To understand the effects of hot and dry as well as cold and wet conditions on crop yields, we calculated the partial dependence of the trained XGBoost models. This was conducted by restricting the values in hot, dry, cold, and wet conditions, while randomly selecting a sample of 1000 observations for all other variables and then calculating the output of the model. The calculation of the partial dependence was conducted using the ‘_partial_dependence_brute’ function in the ‘sklearn’ Python library66. Since, this method calculates the marginal effects of one or two variable(s) by taking a random sample of the other variables, it is possible that the results become unstable, if the combinations are very unlikely. To account for this potential instability, and to assess the uncertainty related to the grouping of the years, the partial dependence calculations were conducted for each of the 100 random splits. For each iteration round, the partial dependencies are averaged over the four train-test splits, and hence we obtain 100 estimates of crop yield anomaly for each extreme climate scenario.

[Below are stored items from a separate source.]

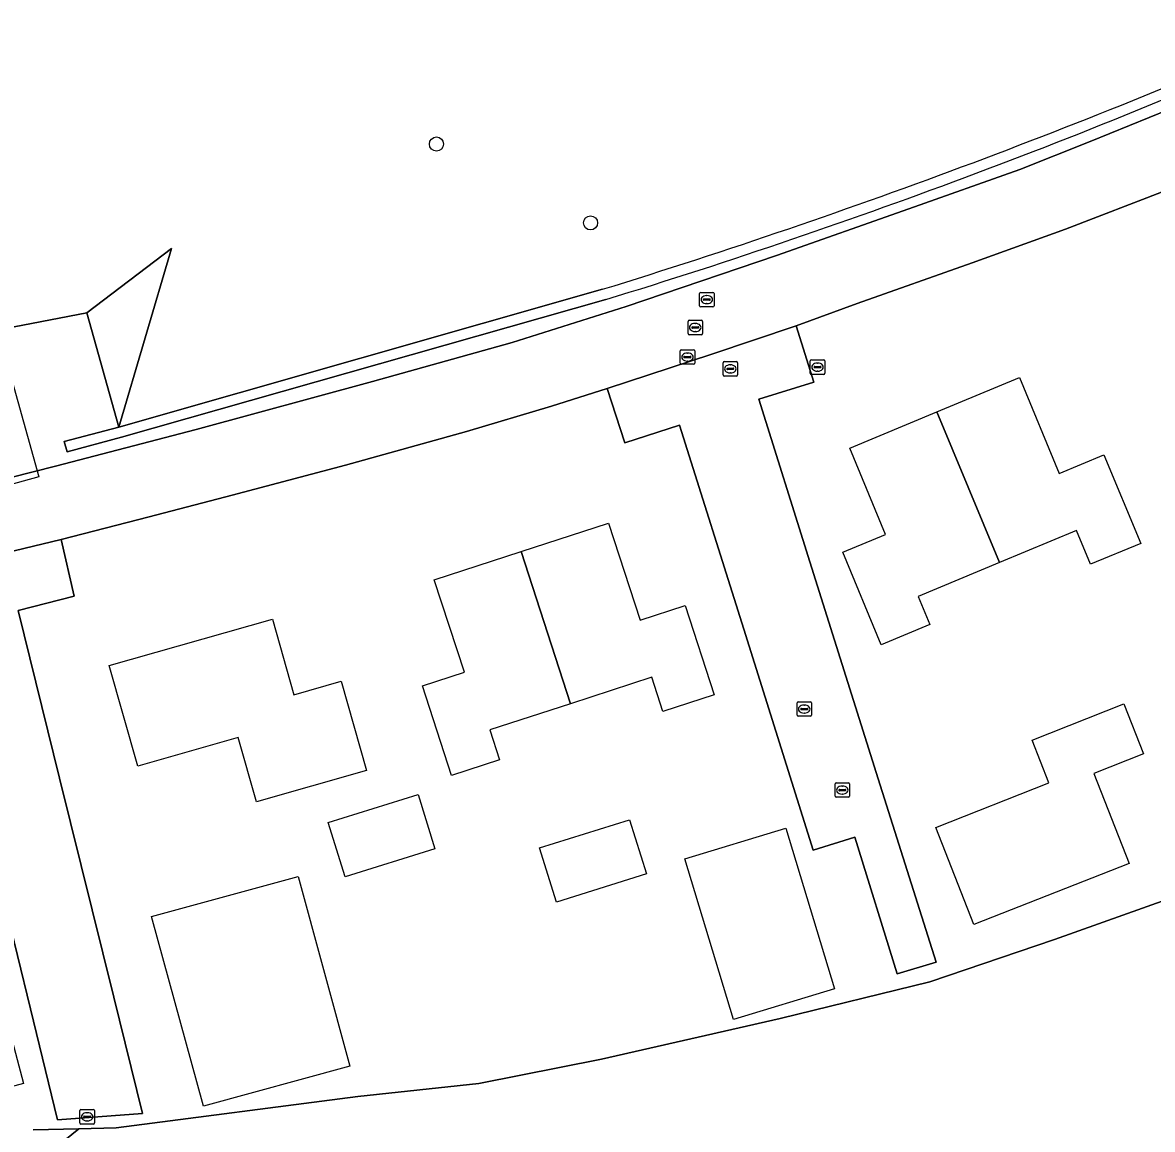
# Model space of a CAD drawing. Extents: x 160455 to 162082, y 388339 to 389736.
# Drawn here: x 160913.2 to 160991.5, y 389546.4 to 389623.1 of the extents above; entities that cross this region are included whole.
import ezdxf

# ---------------------------------------------------------------- set-up
doc = ezdxf.new("R2010")
doc.units = 0
for name, color, linetype in [('IMGEO_Boom', 7, 'Continuous'), ('IMGEO_Grasland_overig', 7, 'Continuous'), ('IMGEO_Groenvoorziening', 7, 'Continuous'), ('IMGEO_Muur', 7, 'Continuous'), ('IMGEO_Pand_vergunning_verleend', 7, 'Continuous'), ('IMGEO_Rijbaan_lokaal_gesloten', 7, 'Continuous'), ('IMGEO_Rijbaan_lokaal_open', 7, 'Continuous'), ('IMGEO_Rioolput', 7, 'Continuous')]:
    doc.layers.add(name, color=color, linetype=linetype)

msp = doc.modelspace()

# ---------------------------------------------------------------- linework, layer by layer
at = {"layer": 'IMGEO_Boom'}
for centre in [(160941.887, 389614.713), (160952.573, 389609.243)]:
    msp.add_circle(centre, 0.489, dxfattribs=at)
at = {"layer": 'IMGEO_Grasland_overig'}
msp.add_lwpolyline([(160891.504, 389588.076), (160888.137, 389589.107), (160884.684, 389592.421), (160881.947, 389597.273), (160889.544, 389597.6), (160917.625, 389603.01), (160923.504, 389607.464), (160919.851, 389595.077), (160953.402, 389604.635)], dxfattribs=at)
msp.add_lwpolyline([(160923.504, 389607.464), (160917.625, 389603.01), (160919.851, 389595.077)], close=True, dxfattribs=at)
msp.add_arc((160816.288, 390047.837), 463.927, 287.19062, 293.90097, dxfattribs=at)
at = {"layer": 'IMGEO_Groenvoorziening'}
for points in [[(160904.593, 389589.621), (160915.47, 389592.378), (160925.229, 389594.919), (160937.454, 389598.254), (160947.13, 389600.943), (160955.038, 389603.451), (160965.472, 389606.975), (160974.656, 389610.22), (160982.353, 389612.956), (160987.234, 389614.881), (160994.041, 389617.662), (161002.233, 389621.229), (161008.104, 389623.832), (161015, 389626.96), (161018.967, 389628.878), (161022.822, 389630.812), (161026.919, 389632.951), (161030.098, 389634.61), (161034.28, 389636.832)], [(161011.625, 389619.873), (161008.269, 389618.36), (160999.511, 389614.572), (160992.466, 389611.482), (160985.506, 389608.816), (160979.042, 389606.479), (160971.068, 389603.647), (160966.828, 389602.104)], [(160953.627, 389603.927), (160920.039, 389594.389), (160916.275, 389593.374), (160916.066, 389594.083), (160919.851, 389595.077), (160917.625, 389603.01), (160889.544, 389597.6), (160891.504, 389588.076), (160893.793, 389588.555), (160893.916, 389587.882), (160891.666, 389587.405)], [(160966.828, 389602.104), (160968.068, 389598.201), (160964.235, 389597.018), (160967.784, 389585.737), (160972.527, 389570.68), (160976.536, 389557.959), (160973.846, 389557.152), (160970.898, 389566.637), (160968.017, 389565.729), (160963.206, 389581.071), (160958.745, 389595.211), (160954.941, 389593.98), (160953.731, 389597.758), (160949.874, 389596.536), (160943.975, 389594.786), (160935.579, 389592.442), (160927.705, 389590.365), (160921.955, 389588.851), (160915.852, 389587.285), (160916.755, 389583.345), (160912.877, 389582.354), (160915.738, 389570.729), (160919.507, 389555.538), (160921.484, 389547.477), (160915.61, 389547.037), (160913.718, 389554.723), (160910.992, 389565.838)], [(161035.141, 389568.285), (161029.311, 389569.546), (161020.177, 389569.756), (161014.739, 389569.234), (161007.172, 389567.207), (160998.98, 389564.602), (160984.766, 389559.55), (160976.113, 389556.614), (160965.737, 389554.068), (160953.342, 389551.244), (160944.818, 389549.56), (160936.435, 389548.649), (160919.672, 389546.475), (160917.079, 389546.416), (160913.188, 389543.258)], [(160913.915, 389546.345), (160917.079, 389546.416), (160919.672, 389546.475), (160936.435, 389548.649), (160944.818, 389549.56), (160953.342, 389551.244), (160965.737, 389554.068), (160976.113, 389556.614), (160984.766, 389559.55), (160998.98, 389564.602), (161007.172, 389567.207), (161014.739, 389569.234), (161020.177, 389569.756), (161029.311, 389569.546), (161035.141, 389568.285)], [(160913.188, 389543.258), (160917.079, 389546.416), (160913.915, 389546.345)]]:
    msp.add_lwpolyline(points, dxfattribs=at)
msp.add_arc((160824.384, 390025.172), 440.626, 287.05666, 294.11698, dxfattribs=at)
at = {"layer": 'IMGEO_Muur'}
msp.add_lwpolyline([(160953.402, 389604.635), (160919.851, 389595.077), (160916.066, 389594.083), (160916.275, 389593.374), (160920.039, 389594.389), (160953.627, 389603.927)], dxfattribs=at)
for centre, radius, start, end in [((160816.288, 390047.837), 463.927, 287.19062, 293.90097), ((160824.384, 390025.172), 440.626, 287.05666, 294.11698)]:
    msp.add_arc(centre, radius, start, end, dxfattribs=at)
at = {"layer": 'IMGEO_Pand_vergunning_verleend'}
for points in [[(160890.554, 389592.216), (160912.463, 389598.257), (160914.293, 389591.62), (160892.384, 389585.579)], [(160976.595, 389596.132), (160982.327, 389598.514), (160985.086, 389591.871), (160988.184, 389593.158), (160990.735, 389587.016), (160987.247, 389585.567), (160986.278, 389587.901), (160980.936, 389585.682)], [(160970.07, 389586.408), (160973.035, 389587.639), (160970.55, 389593.621), (160976.595, 389596.132), (160980.936, 389585.682), (160975.296, 389583.34), (160976.11, 389581.382), (160972.74, 389579.982)], [(160947.754, 389586.444), (160953.821, 389588.416), (160956.005, 389581.695), (160959.142, 389582.714), (160961.158, 389576.511), (160957.596, 389575.354), (160956.824, 389577.73), (160951.181, 389575.897)], [(160940.91, 389577.13), (160943.819, 389578.075), (160941.735, 389584.489), (160947.754, 389586.444), (160951.181, 389575.897), (160945.594, 389574.081), (160946.268, 389572.006), (160942.928, 389570.92)], [(160919.176, 389578.536), (160930.502, 389581.769), (160932.001, 389576.516), (160935.266, 389577.448), (160937.03, 389571.269), (160929.414, 389569.095), (160928.142, 389573.552), (160921.167, 389571.561)], [(160976.516, 389567.314), (160984.37, 389570.401), (160983.201, 389573.375), (160989.572, 389575.879), (160990.93, 389572.424), (160987.475, 389571.066), (160989.93, 389564.82), (160979.16, 389560.587)], [(160934.37, 389567.645), (160940.608, 389569.597), (160941.783, 389565.841), (160935.545, 389563.889)], [(160949.037, 389565.894), (160955.275, 389567.846), (160956.45, 389564.091), (160950.212, 389562.139)], [(160959.12, 389565.146), (160966.116, 389567.261), (160969.486, 389556.118), (160962.49, 389554.002)], [(160922.13, 389561.146), (160932.288, 389563.918), (160935.879, 389550.757), (160925.721, 389547.986)], [(160895.292, 389555.598), (160901.93, 389557.381), (160902.724, 389554.428), (160911.321, 389556.738), (160913.252, 389549.549), (160901.829, 389546.48), (160900.083, 389552.974), (160896.273, 389551.95)]]:
    msp.add_lwpolyline(points, close=True, dxfattribs=at)
at = {"layer": 'IMGEO_Rijbaan_lokaal_gesloten'}
for points in [[(161034.28, 389636.832), (161030.098, 389634.61), (161026.919, 389632.951), (161022.822, 389630.812), (161018.967, 389628.878), (161015, 389626.96), (161008.104, 389623.832), (161002.233, 389621.229), (160994.041, 389617.662), (160987.234, 389614.881), (160982.353, 389612.956), (160974.656, 389610.22), (160965.472, 389606.975), (160955.038, 389603.451), (160947.13, 389600.943), (160937.454, 389598.254), (160925.229, 389594.919), (160915.47, 389592.378), (160904.593, 389589.621)], [(160910.644, 389586.039), (160915.852, 389587.285), (160921.955, 389588.851), (160927.705, 389590.365), (160935.579, 389592.442), (160943.975, 389594.786), (160949.874, 389596.536), (160953.731, 389597.758), (160960.981, 389600.143), (160966.828, 389602.104), (160971.068, 389603.647), (160979.042, 389606.479), (160985.506, 389608.816), (160992.466, 389611.482), (160999.511, 389614.572), (161008.269, 389618.36), (161011.625, 389619.873)]]:
    msp.add_lwpolyline(points, dxfattribs=at)
at = {"layer": 'IMGEO_Rijbaan_lokaal_open'}
for points in [[(160966.828, 389602.104), (160960.981, 389600.143), (160953.731, 389597.758), (160954.941, 389593.98), (160958.745, 389595.211), (160963.206, 389581.071), (160968.017, 389565.729), (160970.898, 389566.637), (160973.846, 389557.152), (160976.536, 389557.959), (160972.527, 389570.68), (160967.784, 389585.737), (160964.235, 389597.018), (160968.068, 389598.201)], [(160915.852, 389587.285), (160910.644, 389586.039), (160902.442, 389583.983), (160903.4, 389580.017), (160907.278, 389580.982), (160910.992, 389565.838), (160913.718, 389554.723), (160915.61, 389547.037), (160921.484, 389547.477), (160919.507, 389555.538), (160915.738, 389570.729), (160912.877, 389582.354), (160916.755, 389583.345)]]:
    msp.add_lwpolyline(points, close=True, dxfattribs=at)
at = {"layer": 'IMGEO_Rioolput'}
for p, q in [((160960.137, 389603.499), (160960.137, 389604.351)), ((160960.212, 389604.425), (160961.064, 389604.425)), ((160961.138, 389604.351), (160961.138, 389603.499)), ((160960.396, 389603.919), (160960.396, 389603.931)), ((160960.834, 389603.882), (160960.436, 389603.882)), ((160960.439, 389603.968), (160960.837, 389603.968)), ((160960.648, 389603.645), (160960.623, 389603.645)), ((160960.625, 389604.205), (160960.65, 389604.205)), ((160960.88, 389603.931), (160960.88, 389603.919)), ((160961.064, 389603.425), (160960.212, 389603.425)), ((160959.335, 389601.562), (160959.335, 389602.414)), ((160959.41, 389602.488), (160960.262, 389602.488)), ((160959.594, 389601.982), (160959.594, 389601.994)), ((160960.032, 389601.945), (160959.634, 389601.945)), ((160959.637, 389602.031), (160960.035, 389602.031)), ((160959.823, 389602.268), (160959.848, 389602.268)), ((160960.078, 389601.994), (160960.078, 389601.982)), ((160960.336, 389602.414), (160960.336, 389601.562)), ((160960.262, 389601.488), (160959.41, 389601.488)), ((160959.846, 389601.708), (160959.821, 389601.708)), ((160958.795, 389599.511), (160958.795, 389600.363)), ((160958.87, 389600.437), (160959.722, 389600.437)), ((160959.796, 389600.363), (160959.796, 389599.511)), ((160959.054, 389599.931), (160959.054, 389599.943)), ((160959.492, 389599.894), (160959.094, 389599.894)), ((160959.097, 389599.98), (160959.495, 389599.98)), ((160959.306, 389599.657), (160959.281, 389599.657)), ((160959.283, 389600.217), (160959.308, 389600.217)), ((160959.538, 389599.943), (160959.538, 389599.931)), ((160961.768, 389598.694), (160961.768, 389599.546)), ((160961.843, 389599.62), (160962.695, 389599.62)), ((160962.769, 389599.546), (160962.769, 389598.694)), ((160967.817, 389598.813), (160967.817, 389599.665)), ((160967.892, 389599.739), (160968.744, 389599.739)), ((160968.818, 389599.665), (160968.818, 389598.813)), ((160959.722, 389599.437), (160958.87, 389599.437)), ((160962.027, 389599.114), (160962.027, 389599.126)), ((160962.465, 389599.077), (160962.067, 389599.077)), ((160962.07, 389599.163), (160962.468, 389599.163)), ((160962.279, 389598.84), (160962.254, 389598.84)), ((160962.256, 389599.4), (160962.281, 389599.4)), ((160962.511, 389599.126), (160962.511, 389599.114)), ((160968.076, 389599.233), (160968.076, 389599.245)), ((160968.514, 389599.196), (160968.116, 389599.196)), ((160968.119, 389599.282), (160968.517, 389599.282)), ((160968.328, 389598.959), (160968.303, 389598.959)), ((160968.305, 389599.519), (160968.33, 389599.519)), ((160968.56, 389599.245), (160968.56, 389599.233)), ((160962.695, 389598.62), (160961.843, 389598.62)), ((160968.744, 389598.739), (160967.892, 389598.739)), ((160966.894, 389575.098), (160966.894, 389575.95)), ((160966.969, 389576.024), (160967.821, 389576.024)), ((160967.153, 389575.518), (160967.153, 389575.53)), ((160967.591, 389575.481), (160967.193, 389575.481)), ((160967.196, 389575.567), (160967.594, 389575.567)), ((160967.405, 389575.244), (160967.38, 389575.244)), ((160967.382, 389575.804), (160967.407, 389575.804)), ((160967.637, 389575.53), (160967.637, 389575.518)), ((160967.895, 389575.95), (160967.895, 389575.098)), ((160967.821, 389575.024), (160966.969, 389575.024)), ((160969.535, 389569.478), (160969.535, 389570.33)), ((160969.61, 389570.404), (160970.462, 389570.404)), ((160969.794, 389569.898), (160969.794, 389569.91)), ((160970.232, 389569.861), (160969.834, 389569.861)), ((160969.837, 389569.947), (160970.235, 389569.947)), ((160970.023, 389570.184), (160970.048, 389570.184)), ((160970.278, 389569.91), (160970.278, 389569.898)), ((160970.536, 389570.33), (160970.536, 389569.478)), ((160970.462, 389569.404), (160969.61, 389569.404)), ((160970.046, 389569.624), (160970.021, 389569.624)), ((160917.154, 389546.819), (160917.154, 389547.671)), ((160917.229, 389547.745), (160918.081, 389547.745)), ((160917.413, 389547.239), (160917.413, 389547.251)), ((160917.851, 389547.202), (160917.453, 389547.202)), ((160917.456, 389547.288), (160917.854, 389547.288)), ((160917.642, 389547.525), (160917.667, 389547.525)), ((160917.897, 389547.251), (160917.897, 389547.239)), ((160918.155, 389547.671), (160918.155, 389546.819)), ((160918.081, 389546.745), (160917.229, 389546.745)), ((160917.665, 389546.965), (160917.64, 389546.965))]:
    msp.add_line(p, q, dxfattribs=at)
for points in [[(160960.137, 389603.499), (160960.137, 389604.351)], [(160960.212, 389604.425), (160961.064, 389604.425)], [(160961.138, 389604.351), (160961.138, 389603.499)], [(160961.064, 389603.425), (160960.212, 389603.425)], [(160959.335, 389601.562), (160959.335, 389602.414)], [(160959.41, 389602.488), (160960.262, 389602.488)], [(160960.336, 389602.414), (160960.336, 389601.562)], [(160960.262, 389601.488), (160959.41, 389601.488)], [(160958.795, 389599.511), (160958.795, 389600.363)], [(160958.87, 389600.437), (160959.722, 389600.437)], [(160959.796, 389600.363), (160959.796, 389599.511)], [(160961.768, 389598.694), (160961.768, 389599.546)], [(160961.843, 389599.62), (160962.695, 389599.62)], [(160962.769, 389599.546), (160962.769, 389598.694)], [(160967.817, 389598.813), (160967.817, 389599.665)], [(160967.892, 389599.739), (160968.744, 389599.739)], [(160968.818, 389599.665), (160968.818, 389598.813)], [(160959.722, 389599.437), (160958.87, 389599.437)], [(160962.695, 389598.62), (160961.843, 389598.62)], [(160968.744, 389598.739), (160967.892, 389598.739)], [(160966.894, 389575.098), (160966.894, 389575.95)], [(160966.969, 389576.024), (160967.821, 389576.024)], [(160967.895, 389575.95), (160967.895, 389575.098)], [(160967.821, 389575.024), (160966.969, 389575.024)], [(160969.535, 389569.478), (160969.535, 389570.33)], [(160969.61, 389570.404), (160970.462, 389570.404)], [(160970.536, 389570.33), (160970.536, 389569.478)], [(160970.462, 389569.404), (160969.61, 389569.404)], [(160917.154, 389546.819), (160917.154, 389547.671)], [(160917.229, 389547.745), (160918.081, 389547.745)], [(160918.155, 389547.671), (160918.155, 389546.819)], [(160918.081, 389546.745), (160917.229, 389546.745)]]:
    msp.add_lwpolyline(points, dxfattribs=at)
for centre, radius, start, end in [((160960.214, 389604.349), 0.0765, 91.55205, 178.44795), ((160960.214, 389604.349), 0.0765, 91.55205, 178.44795), ((160961.062, 389604.349), 0.0765, 1.55205, 88.44795), ((160961.062, 389604.349), 0.0765, 1.55205, 88.44795), ((160960.214, 389603.501), 0.0765, 181.55205, 268.44795), ((160960.214, 389603.501), 0.0765, 181.55205, 268.44795), ((160960.436, 389603.928), 0.0403, 85.87752, 175.75265), ((160960.433, 389603.918), 0.0366, 178.93798, 274.71019), ((160960.837, 389603.925), 0.043, 264.86636, 352.45326), ((160960.841, 389603.93), 0.0386, 1.73085, 96.63898), ((160961.062, 389603.501), 0.0765, 271.55205, 358.44795), ((160961.062, 389603.501), 0.0765, 271.55205, 358.44795), ((160959.412, 389602.412), 0.0765, 91.55205, 178.44795), ((160959.412, 389602.412), 0.0765, 91.55205, 178.44795), ((160959.634, 389601.991), 0.0403, 85.87752, 175.75265), ((160959.631, 389601.981), 0.0366, 178.93798, 274.71019), ((160960.035, 389601.988), 0.043, 264.86636, 352.45326), ((160960.039, 389601.993), 0.0386, 1.73085, 96.63898), ((160960.26, 389602.412), 0.0765, 1.55205, 88.44795), ((160960.26, 389602.412), 0.0765, 1.55205, 88.44795), ((160959.412, 389601.564), 0.0765, 181.55205, 268.44795), ((160959.412, 389601.564), 0.0765, 181.55205, 268.44795), ((160960.26, 389601.564), 0.0765, 271.55205, 358.44795), ((160960.26, 389601.564), 0.0765, 271.55205, 358.44795), ((160958.872, 389600.361), 0.0765, 91.55205, 178.44795), ((160958.872, 389600.361), 0.0765, 91.55205, 178.44795), ((160959.72, 389600.361), 0.0765, 1.55205, 88.44795), ((160959.72, 389600.361), 0.0765, 1.55205, 88.44795), ((160959.094, 389599.94), 0.0403, 85.87752, 175.75265), ((160959.091, 389599.93), 0.0366, 178.93798, 274.71019), ((160959.495, 389599.937), 0.043, 264.86636, 352.45326), ((160959.499, 389599.942), 0.0386, 1.73085, 96.63898), ((160961.845, 389599.544), 0.0765, 91.55205, 178.44795), ((160961.845, 389599.544), 0.0765, 91.55205, 178.44795), ((160962.693, 389599.544), 0.0765, 1.55205, 88.44795), ((160962.693, 389599.544), 0.0765, 1.55205, 88.44795), ((160967.894, 389599.663), 0.0765, 91.55205, 178.44795), ((160967.894, 389599.663), 0.0765, 91.55205, 178.44795), ((160968.742, 389599.663), 0.0765, 1.55205, 88.44795), ((160968.742, 389599.663), 0.0765, 1.55205, 88.44795), ((160958.872, 389599.513), 0.0765, 181.55205, 268.44795), ((160958.872, 389599.513), 0.0765, 181.55205, 268.44795), ((160959.72, 389599.513), 0.0765, 271.55205, 358.44795), ((160959.72, 389599.513), 0.0765, 271.55205, 358.44795), ((160962.067, 389599.123), 0.0403, 85.87752, 175.75265), ((160962.064, 389599.113), 0.0366, 178.93798, 274.71019), ((160962.468, 389599.12), 0.043, 264.86636, 352.45326), ((160962.472, 389599.125), 0.0386, 1.73085, 96.63898), ((160967.894, 389598.815), 0.0765, 181.55205, 268.44795), ((160967.894, 389598.815), 0.0765, 181.55205, 268.44795), ((160968.116, 389599.242), 0.0403, 85.87752, 175.75265), ((160968.113, 389599.232), 0.0366, 178.93798, 274.71019), ((160968.517, 389599.239), 0.043, 264.86636, 352.45326), ((160968.521, 389599.244), 0.0386, 1.73085, 96.63898), ((160968.742, 389598.815), 0.0765, 271.55205, 358.44795), ((160968.742, 389598.815), 0.0765, 271.55205, 358.44795), ((160961.845, 389598.696), 0.0765, 181.55205, 268.44795), ((160961.845, 389598.696), 0.0765, 181.55205, 268.44795), ((160962.693, 389598.696), 0.0765, 271.55205, 358.44795), ((160962.693, 389598.696), 0.0765, 271.55205, 358.44795), ((160966.971, 389575.948), 0.0765, 91.55205, 178.44795), ((160966.971, 389575.948), 0.0765, 91.55205, 178.44795), ((160967.193, 389575.527), 0.0403, 85.87752, 175.75265), ((160967.19, 389575.517), 0.0366, 178.93798, 274.71019), ((160967.594, 389575.524), 0.043, 264.86636, 352.45326), ((160967.598, 389575.529), 0.0386, 1.73085, 96.63898), ((160967.819, 389575.948), 0.0765, 1.55205, 88.44795), ((160967.819, 389575.948), 0.0765, 1.55205, 88.44795), ((160966.971, 389575.1), 0.0765, 181.55205, 268.44795), ((160966.971, 389575.1), 0.0765, 181.55205, 268.44795), ((160967.819, 389575.1), 0.0765, 271.55205, 358.44795), ((160967.819, 389575.1), 0.0765, 271.55205, 358.44795), ((160969.612, 389570.328), 0.0765, 91.55205, 178.44795), ((160969.612, 389570.328), 0.0765, 91.55205, 178.44795), ((160969.834, 389569.907), 0.0403, 85.87752, 175.75265), ((160969.831, 389569.897), 0.0366, 178.93798, 274.71019), ((160970.235, 389569.904), 0.043, 264.86636, 352.45326), ((160970.239, 389569.909), 0.0386, 1.73085, 96.63898), ((160970.46, 389570.328), 0.0765, 1.55205, 88.44795), ((160970.46, 389570.328), 0.0765, 1.55205, 88.44795), ((160969.612, 389569.48), 0.0765, 181.55205, 268.44795), ((160969.612, 389569.48), 0.0765, 181.55205, 268.44795), ((160970.46, 389569.48), 0.0765, 271.55205, 358.44795), ((160970.46, 389569.48), 0.0765, 271.55205, 358.44795), ((160917.231, 389547.669), 0.0765, 91.55205, 178.44795), ((160917.231, 389547.669), 0.0765, 91.55205, 178.44795), ((160917.453, 389547.248), 0.0403, 85.87752, 175.75265), ((160917.45, 389547.238), 0.0366, 178.93798, 274.71019), ((160917.854, 389547.245), 0.043, 264.86636, 352.45326), ((160917.858, 389547.25), 0.0386, 1.73085, 96.63898), ((160918.079, 389547.669), 0.0765, 1.55205, 88.44795), ((160918.079, 389547.669), 0.0765, 1.55205, 88.44795), ((160917.231, 389546.821), 0.0765, 181.55205, 268.44795), ((160917.231, 389546.821), 0.0765, 181.55205, 268.44795), ((160918.079, 389546.821), 0.0765, 271.55205, 358.44795), ((160918.079, 389546.821), 0.0765, 271.55205, 358.44795)]:
    msp.add_arc(centre, radius, start, end, dxfattribs=at)
for centre, major_axis, ratio, start_param, end_param in [((160960.624, 389603.925), (-0.387, 0.002), 0.722429, 4.712389, 7.853982), ((160960.649, 389603.925), (-0.39, 0.002), 0.717154, 1.570796, 4.712389), ((160959.822, 389601.988), (-0.387, 0.002), 0.722429, 4.712389, 7.853982), ((160959.847, 389601.988), (-0.39, 0.002), 0.717154, 1.570796, 4.712389), ((160959.282, 389599.937), (-0.387, 0.002), 0.722429, 4.712389, 7.853982), ((160959.307, 389599.937), (-0.39, 0.002), 0.717154, 1.570796, 4.712389), ((160962.255, 389599.12), (-0.387, 0.002), 0.722429, 4.712389, 7.853982), ((160962.28, 389599.12), (-0.39, 0.002), 0.717154, 1.570796, 4.712389), ((160968.304, 389599.239), (-0.387, 0.002), 0.722429, 4.712389, 7.853982), ((160968.329, 389599.239), (-0.39, 0.002), 0.717154, 1.570796, 4.712389), ((160967.381, 389575.524), (-0.387, 0.002), 0.722429, 4.712389, 7.853982), ((160967.406, 389575.524), (-0.39, 0.002), 0.717154, 1.570796, 4.712389), ((160970.022, 389569.904), (-0.387, 0.002), 0.722429, 4.712389, 7.853982), ((160970.047, 389569.904), (-0.39, 0.002), 0.717154, 1.570796, 4.712389), ((160917.641, 389547.245), (-0.387, 0.002), 0.722429, 4.712389, 7.853982), ((160917.666, 389547.245), (-0.39, 0.002), 0.717154, 1.570796, 4.712389)]:
    msp.add_ellipse(centre, major_axis=major_axis, ratio=ratio, start_param=start_param, end_param=end_param, dxfattribs=at)

doc.saveas('drawing.dxf')

More specifically, partial dependence was calculated as the output of the trained model by varying the anomaly in hot, dry, wet, and cold conditions (from − 2.25 to 2.25 with 0.25 intervals). For example, the partial dependence of crop yield to solely dry conditions (i.e. when the number of dry days deviates 1.5σ from the long-term average) was calculated by selecting a random sample of 1000 observations from the training data, and switching the value 1.5σ to the drought column of all observations and calculating the average model output with this data. Similarly, the partial dependence of co-occurring dry and hot conditions (i.e., when the number of hot days, and dry days during the growing season both deviate 1.5σ from the long-term average) was calculated by switching the value 1.5σ to both heat and drought columns of all observations.

Historical changes in co-occurring extreme weather conditions during the growing season

The trend in the probability of co-occurring hot and dry (wet and cold) extreme events was assessed with logistic regression utilizing the ‘statsmodels’ Python library67. The regression was calculated globally and separately for each climate bin considering each year-grid cell pair as an observation. The data were transformed into logical event space prior to running the regression. Namely, a year in a grid cell was considered hot and dry (cold and wet) if the standardized anomaly in number of both hot and dry (or cold and wet) days during the growing season was at least 1.5σ. The same trend assessment was also conducted for solely dry, hot, cold, and wet events at the global level.

As logistic regression estimates the probability of an event with the logit function, for the global analyses we transformed the logit estimates to probability, while for the climate bins, the logit estimates were transformed to odds ratio to provide a single value describing the trend. The statistical significance of the logistic regression models was assessed with the Likelihood ratio test, while the statistical significance of the coefficients was tested with two distinct methods. Firstly, the coefficient p-values were calculated parametrically with the two-tailed t-statistic, and secondly non-parametrically by bootstrapping (N = 100) the observations and calculating the regression coefficient for each sample. The results were considered statistically significant if the p-values of all these three tests were below 0.05. Finally, the linearity of the globally aggregated log-odds was visually checked by calculating average log-odds values of co-occurring dry and hot (or cold and wet) events for each temporally defined quintile (Figs. S23S24).